Proving the expectation of a stopping time of a random walk is finite

Question

Let $X_1,X_2,...$ be i.i.d. with $\mathbb{P}(X_i=\pm1)=1/2$. Let $a<0<b$ be integers and let $N=\min\{n:S_n\notin(a,b)\}$. I need to prove that $\mathbb{E}[N]<\infty$. I found this reference: If $t\in(a,b)$, then:

$$\mathbb{P}\{t+S_{b-a}\notin(a,b)\}\geq2^{-(b-a)}$$

I understand why this is true - since if $X_i=+1$ for every $i\in[1,b-a]_{\mathbb{N}}$, then $S_{b-a}=b-a=|(a,b)|$, and therefore $t+S_{b-a}\notin(a,b)$. The probability of this happening is of course $2^{-(b-a)}$. But then, the reference claims that if the last inequality is iterated, then:

$$\mathbb{P}\{N>n(b-a)\}\leq(1-2^{-(b-a)})^n$$

I have two problems with this:

• I cannot understand what is being iterated here.

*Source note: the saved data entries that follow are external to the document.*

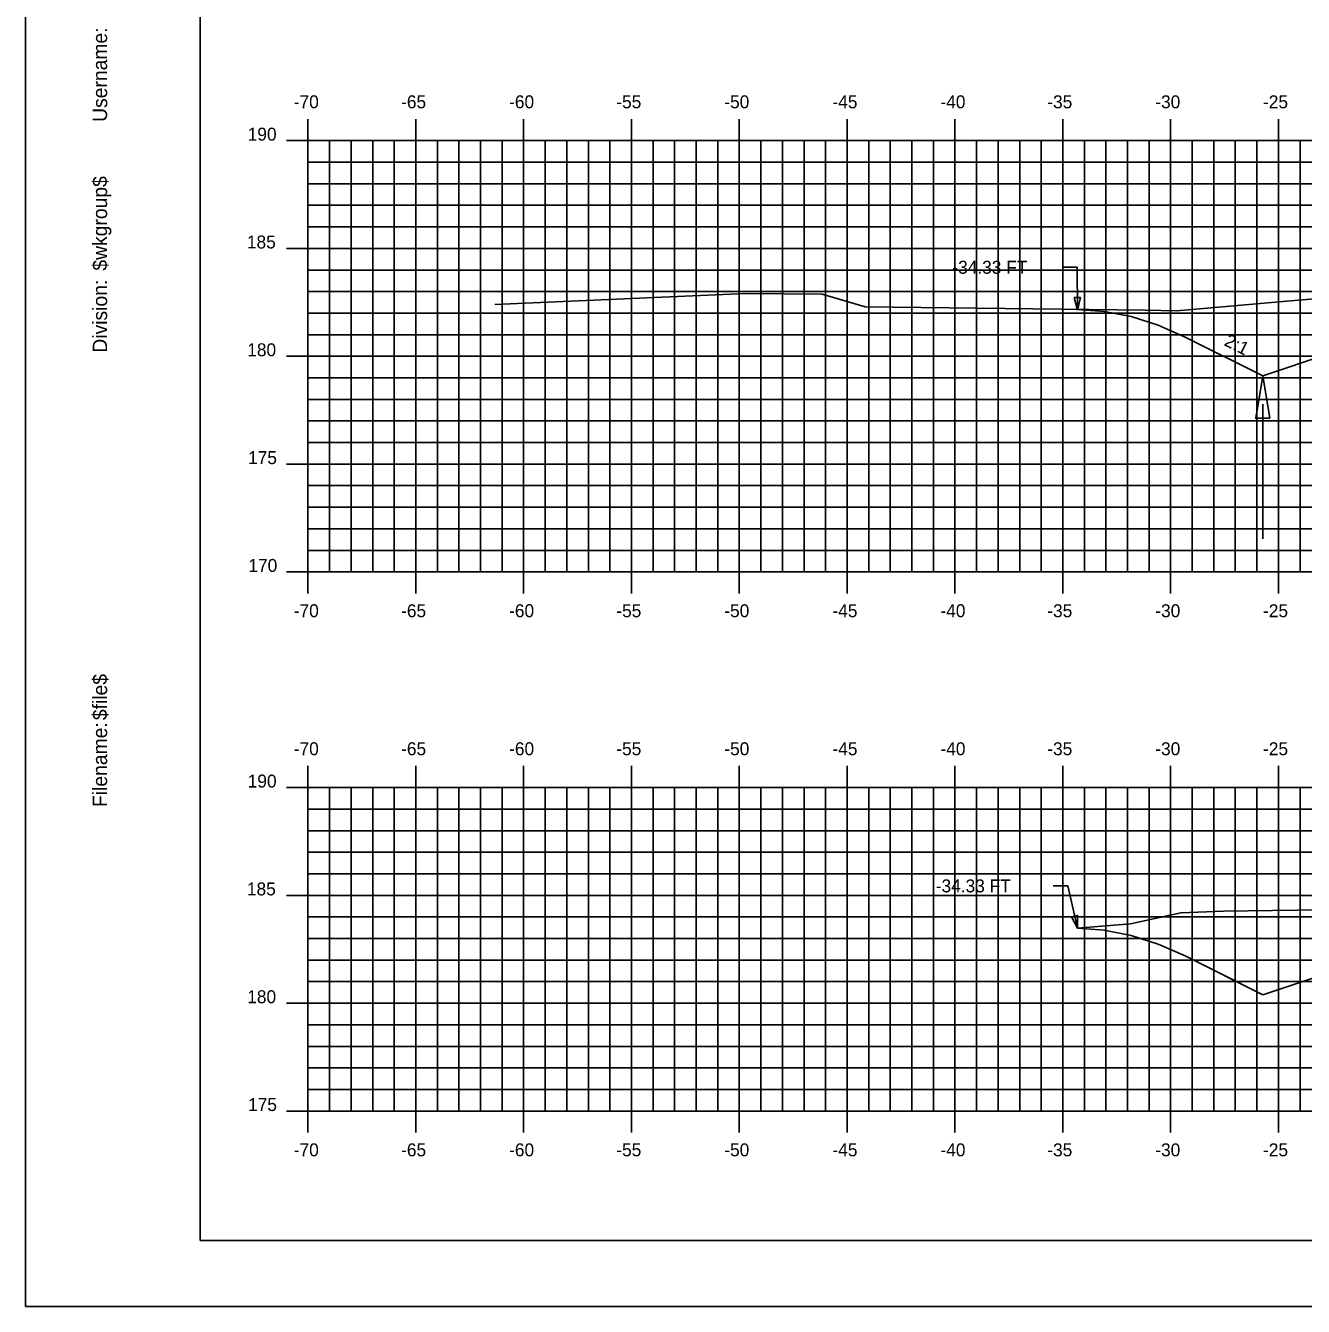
# Model space of a CAD drawing. Extents: x 1139872 to 1140042, y 608981 to 609091.
# Drawn here: x 1139871.9 to 1139931.1, y 608981.3 to 609040.7 of the extents above; entities that cross this region are included whole.
import ezdxf

# ---------------------------------------------------------------- set-up
doc = ezdxf.new("R2010")
doc.units = 0
for name, color, linetype in [('ANNOTATION', 7, 'Continuous'), ('BORDER', 7, 'Continuous'), ('D_Drainage_Ditch_Line', 7, 'Continuous'), ('D_Roadway_SlopeLines', 7, 'Continuous'), ('D_Text_Standard', 7, 'Continuous'), ('H_V ANNOTATION', 7, 'Continuous'), ('MAJOR', 7, 'Continuous'), ('MINOR', 7, 'Continuous'), ('PLOT BOUNDARY', 7, 'Continuous'), ('S_Roadway_Centerline', 7, 'Continuous')]:
    doc.layers.add(name, color=color, linetype=linetype)

msp = doc.modelspace()

# ---------------------------------------------------------------- linework, layer by layer
msp.add_lwpolyline([(1139920.649, 609027.509), (1139921.899, 609027.417), (1139923.149, 609027.173), (1139924.399, 609026.776), (1139925.649, 609026.227), (1139929.25, 609024.427), (1139932.25, 609025.427), (1139939.974, 609028.001), (1139939.975, 609028.001), (1139943.975, 609028.161), (1139954.975, 609028.381), (1139965.975, 609028.161), (1139969.975, 609028.001), (1139977.698, 609025.427), (1139980.698, 609024.427), (1139983.25, 609025.703), (1139984.5, 609026.247), (1139985.75, 609026.628), (1139987, 609026.848), (1139988.25, 609026.905)])
at = {"layer": 'BORDER'}
msp.add_lwpolyline([(1139879.975, 608984.335), (1140039.975, 608984.335), (1140039.975, 609089.335), (1139879.975, 609089.335)], close=True, dxfattribs=at)
at = {"layer": 'D_Drainage_Ditch_Line'}
msp.add_line((1139929.25, 609023.115), (1139929.25, 609016.871), dxfattribs=at)
msp.add_lwpolyline([(1139929.578, 609022.458), (1139928.922, 609022.458), (1139929.25, 609024.427)], close=True, dxfattribs=at)
at = {"layer": 'D_Roadway_SlopeLines'}
msp.add_line((1139929.25, 608995.726), (1139927.25, 608996.726), dxfattribs=at)
for points in [[(1139929.25, 609024.427), (1139925.649, 609026.227), (1139924.399, 609026.776), (1139923.149, 609027.173), (1139921.899, 609027.417), (1139920.649, 609027.509)], [(1139932.25, 609025.427), (1139929.25, 609024.427)], [(1139939.975, 608999.301), (1139929.25, 608995.726)], [(1139929.25, 608995.726), (1139925.649, 608997.527), (1139924.399, 608998.075), (1139923.149, 608998.472), (1139921.899, 608998.716), (1139920.649, 608998.808)]]:
    msp.add_lwpolyline(points, dxfattribs=at)
at = {"layer": 'D_Text_Standard'}
for points in [[(1139920.649, 609027.477), (1139920.645, 609029.461), (1139919.965, 609029.461)], [(1139920.649, 608998.808), (1139920.209, 609000.775), (1139919.529, 609000.775)]]:
    msp.add_lwpolyline(points, dxfattribs=at)
for points in [[(1139920.649, 609027.477), (1139920.502, 609028.059), (1139920.794, 609028.06)], [(1139920.649, 608998.808), (1139920.38, 608999.345), (1139920.664, 608999.408)]]:
    msp.add_lwpolyline(points, close=True, dxfattribs=at)
at = {"layer": 'MAJOR'}
for p, q in [((1139884.975, 609036.337), (1139884.975, 609035.335)), ((1139889.975, 609036.337), (1139889.975, 609035.335)), ((1139894.975, 609036.337), (1139894.975, 609035.335)), ((1139899.975, 609036.337), (1139899.975, 609035.335)), ((1139904.975, 609036.337), (1139904.975, 609035.335)), ((1139909.975, 609036.337), (1139909.975, 609035.335)), ((1139914.975, 609036.337), (1139914.975, 609035.335)), ((1139919.975, 609036.337), (1139919.975, 609035.335)), ((1139924.975, 609036.337), (1139924.975, 609035.335)), ((1139929.975, 609036.337), (1139929.975, 609035.335)), ((1139883.973, 609035.335), (1139884.975, 609035.335)), ((1139884.975, 609035.335), (1140024.975, 609035.335)), ((1139884.975, 609015.335), (1139884.975, 609035.335)), ((1139884.975, 609015.335), (1139884.975, 609035.335)), ((1139884.975, 609035.335), (1140024.975, 609035.335)), ((1139889.975, 609015.335), (1139889.975, 609035.335)), ((1139894.975, 609015.335), (1139894.975, 609035.335)), ((1139899.975, 609015.335), (1139899.975, 609035.335)), ((1139904.975, 609015.335), (1139904.975, 609035.335)), ((1139909.975, 609015.335), (1139909.975, 609035.335)), ((1139914.975, 609015.335), (1139914.975, 609035.335)), ((1139919.975, 609015.335), (1139919.975, 609035.335)), ((1139924.975, 609015.335), (1139924.975, 609035.335)), ((1139929.975, 609015.335), (1139929.975, 609035.335)), ((1139883.973, 609030.335), (1139884.975, 609030.335)), ((1139884.975, 609030.335), (1140024.975, 609030.335)), ((1139883.973, 609025.335), (1139884.975, 609025.335)), ((1139884.975, 609025.335), (1140024.975, 609025.335)), ((1139883.973, 609020.335), (1139884.975, 609020.335)), ((1139884.975, 609020.335), (1140024.975, 609020.335)), ((1139883.973, 609015.335), (1139884.975, 609015.335)), ((1139884.975, 609015.335), (1140024.975, 609015.335)), ((1139884.975, 609015.335), (1140024.975, 609015.335)), ((1139884.975, 609014.333), (1139884.975, 609015.335)), ((1139889.975, 609014.333), (1139889.975, 609015.335)), ((1139894.975, 609014.333), (1139894.975, 609015.335)), ((1139899.975, 609014.333), (1139899.975, 609015.335)), ((1139904.975, 609014.333), (1139904.975, 609015.335)), ((1139909.975, 609014.333), (1139909.975, 609015.335)), ((1139914.975, 609014.333), (1139914.975, 609015.335)), ((1139919.975, 609014.333), (1139919.975, 609015.335)), ((1139924.975, 609014.333), (1139924.975, 609015.335)), ((1139929.975, 609014.333), (1139929.975, 609015.335)), ((1139884.975, 609006.337), (1139884.975, 609005.335)), ((1139889.975, 609006.337), (1139889.975, 609005.335)), ((1139894.975, 609006.337), (1139894.975, 609005.335)), ((1139899.975, 609006.337), (1139899.975, 609005.335)), ((1139904.975, 609006.337), (1139904.975, 609005.335)), ((1139909.975, 609006.337), (1139909.975, 609005.335)), ((1139914.975, 609006.337), (1139914.975, 609005.335)), ((1139919.975, 609006.337), (1139919.975, 609005.335)), ((1139924.975, 609006.337), (1139924.975, 609005.335)), ((1139929.975, 609006.337), (1139929.975, 609005.335)), ((1139883.973, 609005.335), (1139884.975, 609005.335)), ((1139884.975, 609005.335), (1140024.975, 609005.335)), ((1139884.975, 608990.335), (1139884.975, 609005.335)), ((1139884.975, 608990.335), (1139884.975, 609005.335)), ((1139884.975, 609005.335), (1140024.975, 609005.335)), ((1139889.975, 608990.335), (1139889.975, 609005.335)), ((1139894.975, 608990.335), (1139894.975, 609005.335)), ((1139899.975, 608990.335), (1139899.975, 609005.335)), ((1139904.975, 608990.335), (1139904.975, 609005.335)), ((1139909.975, 608990.335), (1139909.975, 609005.335)), ((1139914.975, 608990.335), (1139914.975, 609005.335)), ((1139919.975, 608990.335), (1139919.975, 609005.335)), ((1139924.975, 608990.335), (1139924.975, 609005.335)), ((1139929.975, 608990.335), (1139929.975, 609005.335)), ((1139883.973, 609000.335), (1139884.975, 609000.335)), ((1139884.975, 609000.335), (1140024.975, 609000.335)), ((1139883.973, 608995.335), (1139884.975, 608995.335)), ((1139884.975, 608995.335), (1140024.975, 608995.335)), ((1139883.973, 608990.335), (1139884.975, 608990.335)), ((1139884.975, 608990.335), (1140024.975, 608990.335)), ((1139884.975, 608990.335), (1140024.975, 608990.335)), ((1139884.975, 608989.333), (1139884.975, 608990.335)), ((1139889.975, 608989.333), (1139889.975, 608990.335)), ((1139894.975, 608989.333), (1139894.975, 608990.335)), ((1139899.975, 608989.333), (1139899.975, 608990.335)), ((1139904.975, 608989.333), (1139904.975, 608990.335)), ((1139909.975, 608989.333), (1139909.975, 608990.335)), ((1139914.975, 608989.333), (1139914.975, 608990.335)), ((1139919.975, 608989.333), (1139919.975, 608990.335)), ((1139924.975, 608989.333), (1139924.975, 608990.335)), ((1139929.975, 608989.333), (1139929.975, 608990.335))]:
    msp.add_line(p, q, dxfattribs=at)
at = {"layer": 'MINOR'}
for p, q in [((1139885.975, 609015.335), (1139885.975, 609035.335)), ((1139886.975, 609015.335), (1139886.975, 609035.335)), ((1139887.975, 609015.335), (1139887.975, 609035.335)), ((1139888.975, 609015.335), (1139888.975, 609035.335)), ((1139890.975, 609015.335), (1139890.975, 609035.335)), ((1139891.975, 609015.335), (1139891.975, 609035.335)), ((1139892.975, 609015.335), (1139892.975, 609035.335)), ((1139893.975, 609015.335), (1139893.975, 609035.335)), ((1139895.975, 609015.335), (1139895.975, 609035.335)), ((1139896.975, 609015.335), (1139896.975, 609035.335)), ((1139897.975, 609015.335), (1139897.975, 609035.335)), ((1139898.975, 609015.335), (1139898.975, 609035.335)), ((1139900.975, 609015.335), (1139900.975, 609035.335)), ((1139901.975, 609015.335), (1139901.975, 609035.335)), ((1139902.975, 609015.335), (1139902.975, 609035.335)), ((1139903.975, 609015.335), (1139903.975, 609035.335)), ((1139905.975, 609015.335), (1139905.975, 609035.335)), ((1139906.975, 609015.335), (1139906.975, 609035.335)), ((1139907.975, 609015.335), (1139907.975, 609035.335)), ((1139908.975, 609015.335), (1139908.975, 609035.335)), ((1139910.975, 609015.335), (1139910.975, 609035.335)), ((1139911.975, 609015.335), (1139911.975, 609035.335)), ((1139912.975, 609015.335), (1139912.975, 609035.335)), ((1139913.975, 609015.335), (1139913.975, 609035.335)), ((1139915.975, 609015.335), (1139915.975, 609035.335)), ((1139916.975, 609015.335), (1139916.975, 609035.335)), ((1139917.975, 609015.335), (1139917.975, 609035.335)), ((1139918.975, 609015.335), (1139918.975, 609035.335)), ((1139920.975, 609015.335), (1139920.975, 609035.335)), ((1139921.975, 609015.335), (1139921.975, 609035.335)), ((1139922.975, 609015.335), (1139922.975, 609035.335)), ((1139923.975, 609015.335), (1139923.975, 609035.335)), ((1139925.975, 609015.335), (1139925.975, 609035.335)), ((1139926.975, 609015.335), (1139926.975, 609035.335)), ((1139927.975, 609015.335), (1139927.975, 609035.335)), ((1139928.975, 609015.335), (1139928.975, 609035.335)), ((1139930.975, 609015.335), (1139930.975, 609035.335)), ((1139884.975, 609034.335), (1140024.975, 609034.335)), ((1139884.975, 609034.335), (1139885.977, 609034.335)), ((1139884.975, 609033.335), (1140024.975, 609033.335)), ((1139884.975, 609033.335), (1139885.977, 609033.335)), ((1139884.975, 609032.335), (1140024.975, 609032.335)), ((1139884.975, 609032.335), (1139885.977, 609032.335)), ((1139884.975, 609031.335), (1140024.975, 609031.335)), ((1139884.975, 609031.335), (1139885.977, 609031.335)), ((1139884.975, 609029.335), (1140024.975, 609029.335)), ((1139884.975, 609029.335), (1139885.977, 609029.335)), ((1139884.975, 609028.335), (1140024.975, 609028.335)), ((1139884.975, 609028.335), (1139885.977, 609028.335)), ((1139884.975, 609027.335), (1140024.975, 609027.335)), ((1139884.975, 609027.335), (1139885.977, 609027.335)), ((1139884.975, 609026.335), (1140024.975, 609026.335)), ((1139884.975, 609026.335), (1139885.977, 609026.335)), ((1139884.975, 609024.335), (1140024.975, 609024.335)), ((1139884.975, 609024.335), (1139885.977, 609024.335)), ((1139884.975, 609023.335), (1140024.975, 609023.335)), ((1139884.975, 609023.335), (1139885.977, 609023.335)), ((1139884.975, 609022.335), (1140024.975, 609022.335)), ((1139884.975, 609022.335), (1139885.977, 609022.335)), ((1139884.975, 609021.335), (1140024.975, 609021.335)), ((1139884.975, 609021.335), (1139885.977, 609021.335)), ((1139884.975, 609019.335), (1140024.975, 609019.335)), ((1139884.975, 609019.335), (1139885.977, 609019.335)), ((1139884.975, 609018.335), (1140024.975, 609018.335)), ((1139884.975, 609018.335), (1139885.977, 609018.335)), ((1139884.975, 609017.335), (1140024.975, 609017.335)), ((1139884.975, 609017.335), (1139885.977, 609017.335)), ((1139884.975, 609016.335), (1140024.975, 609016.335)), ((1139884.975, 609016.335), (1139885.977, 609016.335)), ((1139885.975, 608990.335), (1139885.975, 609005.335)), ((1139886.975, 608990.335), (1139886.975, 609005.335)), ((1139887.975, 608990.335), (1139887.975, 609005.335)), ((1139888.975, 608990.335), (1139888.975, 609005.335)), ((1139890.975, 608990.335), (1139890.975, 609005.335)), ((1139891.975, 608990.335), (1139891.975, 609005.335)), ((1139892.975, 608990.335), (1139892.975, 609005.335)), ((1139893.975, 608990.335), (1139893.975, 609005.335)), ((1139895.975, 608990.335), (1139895.975, 609005.335)), ((1139896.975, 608990.335), (1139896.975, 609005.335)), ((1139897.975, 608990.335), (1139897.975, 609005.335)), ((1139898.975, 608990.335), (1139898.975, 609005.335)), ((1139900.975, 608990.335), (1139900.975, 609005.335)), ((1139901.975, 608990.335), (1139901.975, 609005.335)), ((1139902.975, 608990.335), (1139902.975, 609005.335)), ((1139903.975, 608990.335), (1139903.975, 609005.335)), ((1139905.975, 608990.335), (1139905.975, 609005.335)), ((1139906.975, 608990.335), (1139906.975, 609005.335)), ((1139907.975, 608990.335), (1139907.975, 609005.335)), ((1139908.975, 608990.335), (1139908.975, 609005.335)), ((1139910.975, 608990.335), (1139910.975, 609005.335)), ((1139911.975, 608990.335), (1139911.975, 609005.335)), ((1139912.975, 608990.335), (1139912.975, 609005.335)), ((1139913.975, 608990.335), (1139913.975, 609005.335)), ((1139915.975, 608990.335), (1139915.975, 609005.335)), ((1139916.975, 608990.335), (1139916.975, 609005.335)), ((1139917.975, 608990.335), (1139917.975, 609005.335)), ((1139918.975, 608990.335), (1139918.975, 609005.335)), ((1139920.975, 608990.335), (1139920.975, 609005.335)), ((1139921.975, 608990.335), (1139921.975, 609005.335)), ((1139922.975, 608990.335), (1139922.975, 609005.335)), ((1139923.975, 608990.335), (1139923.975, 609005.335)), ((1139925.975, 608990.335), (1139925.975, 609005.335)), ((1139926.975, 608990.335), (1139926.975, 609005.335)), ((1139927.975, 608990.335), (1139927.975, 609005.335)), ((1139928.975, 608990.335), (1139928.975, 609005.335)), ((1139930.975, 608990.335), (1139930.975, 609005.335)), ((1139884.975, 609004.335), (1140024.975, 609004.335)), ((1139884.975, 609004.335), (1139885.977, 609004.335)), ((1139884.975, 609003.335), (1140024.975, 609003.335)), ((1139884.975, 609003.335), (1139885.977, 609003.335)), ((1139884.975, 609002.335), (1140024.975, 609002.335)), ((1139884.975, 609002.335), (1139885.977, 609002.335)), ((1139884.975, 609001.335), (1140024.975, 609001.335)), ((1139884.975, 609001.335), (1139885.977, 609001.335)), ((1139884.975, 608999.335), (1140024.975, 608999.335)), ((1139884.975, 608999.335), (1139885.977, 608999.335)), ((1139884.975, 608998.335), (1140024.975, 608998.335)), ((1139884.975, 608998.335), (1139885.977, 608998.335)), ((1139884.975, 608997.335), (1140024.975, 608997.335)), ((1139884.975, 608997.335), (1139885.977, 608997.335)), ((1139884.975, 608996.335), (1140024.975, 608996.335)), ((1139884.975, 608996.335), (1139885.977, 608996.335)), ((1139884.975, 608994.335), (1140024.975, 608994.335)), ((1139884.975, 608994.335), (1139885.977, 608994.335)), ((1139884.975, 608993.335), (1140024.975, 608993.335)), ((1139884.975, 608993.335), (1139885.977, 608993.335)), ((1139884.975, 608992.335), (1140024.975, 608992.335)), ((1139884.975, 608992.335), (1139885.977, 608992.335)), ((1139884.975, 608991.335), (1140024.975, 608991.335)), ((1139884.975, 608991.335), (1139885.977, 608991.335))]:
    msp.add_line(p, q, dxfattribs=at)
at = {"layer": 'PLOT BOUNDARY'}
msp.add_lwpolyline([(1139871.882, 608981.276), (1140041.882, 608981.276), (1140041.882, 609091.276), (1139871.882, 609091.276)], close=True, dxfattribs=at)
at = {"layer": 'S_Roadway_Centerline'}
for p, q in [((1139925.454, 608999.519), (1139923.111, 608999.009)), ((1139923.111, 608999.009), (1139920.649, 608998.808))]:
    msp.add_line(p, q, dxfattribs=at)
for points in [[(1139893.645, 609027.734), (1139905.275, 609028.246), (1139908.821, 609028.218), (1139910.807, 609027.635), (1139923.798, 609027.469), (1139925.261, 609027.441), (1139930.896, 609027.93), (1139933.431, 609028.135)], [(1139925.454, 608999.519), (1139927.426, 608999.596), (1139935.382, 608999.714), (1139940.06, 608999.683), (1139942.405, 608999.588), (1139945.203, 608999.576), (1139951.394, 608999.616), (1139955.847, 608999.66), (1139957.155, 608999.621), (1139967.256, 608999.38), (1139968.387, 608999.254), (1139969.506, 608999.074), (1139972.265, 608999.073), (1139994.365, 608998.121), (1139997.682, 608998.063), (1140024.975, 608997.611)]]:
    msp.add_lwpolyline(points, dxfattribs=at)

# ---------------------------------------------------------------- texts
at = {"layer": 'ANNOTATION'}
msp.add_text('2:1', height=0.6, rotation=333.43495, dxfattribs=at).set_placement((1139927.417, 609025.862))
at = {"layer": 'BORDER'}
for s, p in [('Username:', (1139875.66, 609036.203)), ('$wkgroup$', (1139875.66, 609029.305)), ('Division:', (1139875.66, 609025.501)), ('$file$', (1139875.66, 609008.461)), ('Filename:', (1139875.66, 609004.433))]:
    msp.add_text(s, height=0.6696, rotation=90, dxfattribs=at).set_placement(p)
at = {"layer": 'D_Text_Standard'}
for p in [(1139914.853, 609029.161), (1139914.085, 609000.475)]:
    msp.add_text('-34.33 FT', height=0.6, dxfattribs=at).set_placement(p)
at = {"layer": 'H_V ANNOTATION'}
for s, p in [('-70', (1139884.316, 609036.835)), ('-65', (1139889.293, 609036.835)), ('-60', (1139894.301, 609036.835)), ('-55', (1139899.271, 609036.835)), ('-50', (1139904.279, 609036.835)), ('-45', (1139909.293, 609036.835)), ('-40', (1139914.301, 609036.835)), ('-35', (1139919.255, 609036.835)), ('-30', (1139924.263, 609036.835)), ('-25', (1139929.26, 609036.835)), ('190', (1139882.18, 609035.335)), ('185', (1139882.142, 609030.335)), ('180', (1139882.158, 609025.335)), ('175', (1139882.196, 609020.335)), ('170', (1139882.212, 609015.335)), ('-70', (1139884.316, 609013.235)), ('-65', (1139889.293, 609013.235)), ('-60', (1139894.301, 609013.235)), ('-55', (1139899.271, 609013.235)), ('-50', (1139904.279, 609013.235)), ('-45', (1139909.293, 609013.235)), ('-40', (1139914.301, 609013.235)), ('-35', (1139919.255, 609013.235)), ('-30', (1139924.263, 609013.235)), ('-25', (1139929.26, 609013.235)), ('-70', (1139884.316, 609006.835)), ('-65', (1139889.293, 609006.835)), ('-60', (1139894.301, 609006.835)), ('-55', (1139899.271, 609006.835)), ('-50', (1139904.279, 609006.835)), ('-45', (1139909.293, 609006.835)), ('-40', (1139914.301, 609006.835)), ('-35', (1139919.255, 609006.835)), ('-30', (1139924.263, 609006.835)), ('-25', (1139929.26, 609006.835)), ('190', (1139882.18, 609005.335)), ('185', (1139882.142, 609000.335)), ('180', (1139882.158, 608995.335)), ('175', (1139882.196, 608990.335)), ('-70', (1139884.316, 608988.235)), ('-65', (1139889.293, 608988.235)), ('-60', (1139894.301, 608988.235)), ('-55', (1139899.271, 608988.235)), ('-50', (1139904.279, 608988.235)), ('-45', (1139909.293, 608988.235)), ('-40', (1139914.301, 608988.235)), ('-35', (1139919.255, 608988.235)), ('-30', (1139924.263, 608988.235)), ('-25', (1139929.26, 608988.235))]:
    msp.add_text(s, height=0.6, dxfattribs=at).set_placement(p)
at = {"layer": 'MAJOR'}
for p in [(1139884.97, 609015.335), (1139884.97, 608990.335)]:
    msp.add_text('-', height=0.006, dxfattribs=at).set_placement(p)

doc.saveas('drawing.dxf')

I guess the iteration happens $n$ times, and every time we substitute a different $t$, but I couldn't figure out exactly what is $t$ equal to each time.
• Since $N\geq0$:

$$\mathbb{E}[N]=\sum_{n=0}^{\infty}\mathbb{P}\{N>n\}$$

So actually, in order to prove $\mathbb{E}[N]$ is bounded, I need to find a bound for $p=\mathbb{P}\{N>n\}$. But this is not equivalent to the probability $q=\mathbb{P}\{N>n(b-a)\}$. Assuming $n$ is a positive integer, $q\leq p$. If the contrary were true ($p\leq q$) then it would've been easier.

Thanks!

Answer 1

Here are some explanations:

• Note that $$\mathbb{P}\{N>n(b-a)\}\leq \mathbb{P}\{S_{n(b-a)}\in (a,b), S_{(n-1)(b-a)}\in (a,b),\ldots,S_{(b-a)}\in (a,b)\}.$$

Now $$ \mathbb{P}\{S_{n(b-a)}\in (a,b), S_{(n-1)(b-a)}\in (a,b),\ldots,S_{(b-a)}\in (a,b)\} =\mathbb{P}\{S_{n(b-a)}\in (a,b)\,| \,S_{(n-1)(b-a)}\in (a,b),\ldots,S_{(b-a)}\in (a,b)\} \mathbb{P}\{S_{(n-1)(b-a)}\in (a,b),\ldots,S_{(b-a)}\in (a,b)\} \\ =\mathbb{P}\{S_{n(b-a)}\in (a,b)\,| \,S_{(n-1)(b-a)}\in (a,b)\} \mathbb{P}\{S_{(n-1)(b-a)}\in (a,b),\ldots,S_{(b-a)}\in (a,b)\}. $$ The last equality above is due to Markov property. Now use your estimate, and few lines of calculations will give you $$ \mathbb{P}\{S_{n(b-a)}\in (a,b)\,| \,S_{(n-1)(b-a)}\in (a,b)\}\leq (1-2^{-(b-a)}). $$ Therefore you get the recursion $$ \mathbb{P}\{S_{n(b-a)}\in (a,b), S_{(n-1)(b-a)}\in (a,b),\ldots,S_{(b-a)}\in (a,b)\} \leq (1-2^{-(b-a)})\mathbb{P}\{S_{(n-1)(b-a)}\in (a,b),\ldots,S_{(b-a)}\in (a,b)\}. $$

• Let me change notations slightly and write $$ \mathbb{E}[N]=\sum_{i=0}^{\infty}\mathbb{P}\{N>i\}\leq (b-a)\mathbb{P}\{N>0\} + (b-a) \mathbb{P}\{N>b-a\} + (b-a)\mathbb{P}\{N>2(b-a)\}+\ldots\\ =(b-a)\sum_{i=0}^{\infty}\mathbb{P}\{N>i(b-a)\}. $$ In the above inequality first $(b-a)$ terms are clubbed together and then the probabilities are replaced by the largest term. Let me know if this clarifies your doubts.